# [Task prompt]
Take the entries below and write them out exactly, with each picture removed.

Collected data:
○ ○ ○ ○ ○

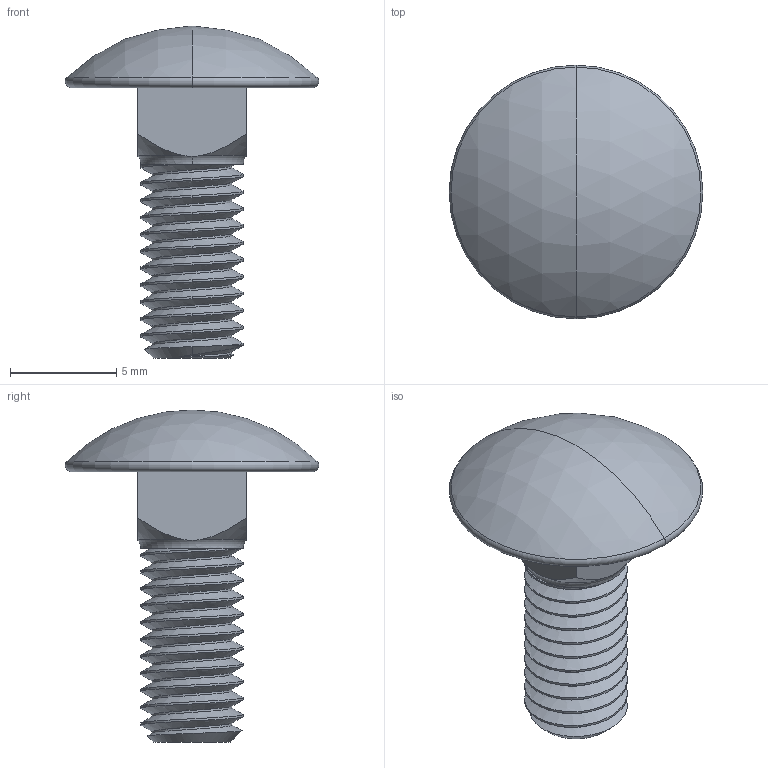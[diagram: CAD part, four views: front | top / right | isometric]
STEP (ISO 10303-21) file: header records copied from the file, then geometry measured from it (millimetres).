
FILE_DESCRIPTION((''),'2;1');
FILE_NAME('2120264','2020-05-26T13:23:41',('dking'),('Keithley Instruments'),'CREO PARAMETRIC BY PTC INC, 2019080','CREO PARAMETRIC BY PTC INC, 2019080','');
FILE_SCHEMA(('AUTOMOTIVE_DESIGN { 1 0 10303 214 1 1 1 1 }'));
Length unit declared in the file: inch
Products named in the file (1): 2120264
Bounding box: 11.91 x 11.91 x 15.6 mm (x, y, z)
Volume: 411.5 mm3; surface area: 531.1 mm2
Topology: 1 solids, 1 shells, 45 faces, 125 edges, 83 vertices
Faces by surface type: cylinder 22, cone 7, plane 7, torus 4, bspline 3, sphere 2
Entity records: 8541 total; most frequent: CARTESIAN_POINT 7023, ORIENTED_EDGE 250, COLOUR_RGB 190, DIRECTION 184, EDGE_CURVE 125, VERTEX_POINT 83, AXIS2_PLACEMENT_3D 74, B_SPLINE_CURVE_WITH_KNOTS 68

○ ○ ○ ○ ○

# [Response to this exercise]
[diagram: CAD part, four views: front | top / right | isometric]
STEP (ISO 10303-21) file: header records copied from the file, then geometry measured from it (millimetres).
FILE_DESCRIPTION((''),'2;1');
FILE_NAME('2120264','2020-05-26T13:23:41',('dking'),('Keithley Instruments'),'CREO PARAMETRIC BY PTC INC, 2019080','CREO PARAMETRIC BY PTC INC, 2019080','');
FILE_SCHEMA(('AUTOMOTIVE_DESIGN { 1 0 10303 214 1 1 1 1 }'));
Length unit declared in the file: inch
Products named in the file (1): 2120264
Bounding box: 11.91 x 11.91 x 15.6 mm (x, y, z)
Volume: 411.5 mm3; surface area: 531.1 mm2
Topology: 1 solids, 1 shells, 45 faces, 125 edges, 83 vertices
Faces by surface type: cylinder 22, cone 7, plane 7, torus 4, bspline 3, sphere 2
Entity records: 8541 total; most frequent: CARTESIAN_POINT 7023, ORIENTED_EDGE 250, COLOUR_RGB 190, DIRECTION 184, EDGE_CURVE 125, VERTEX_POINT 83, AXIS2_PLACEMENT_3D 74, B_SPLINE_CURVE_WITH_KNOTS 68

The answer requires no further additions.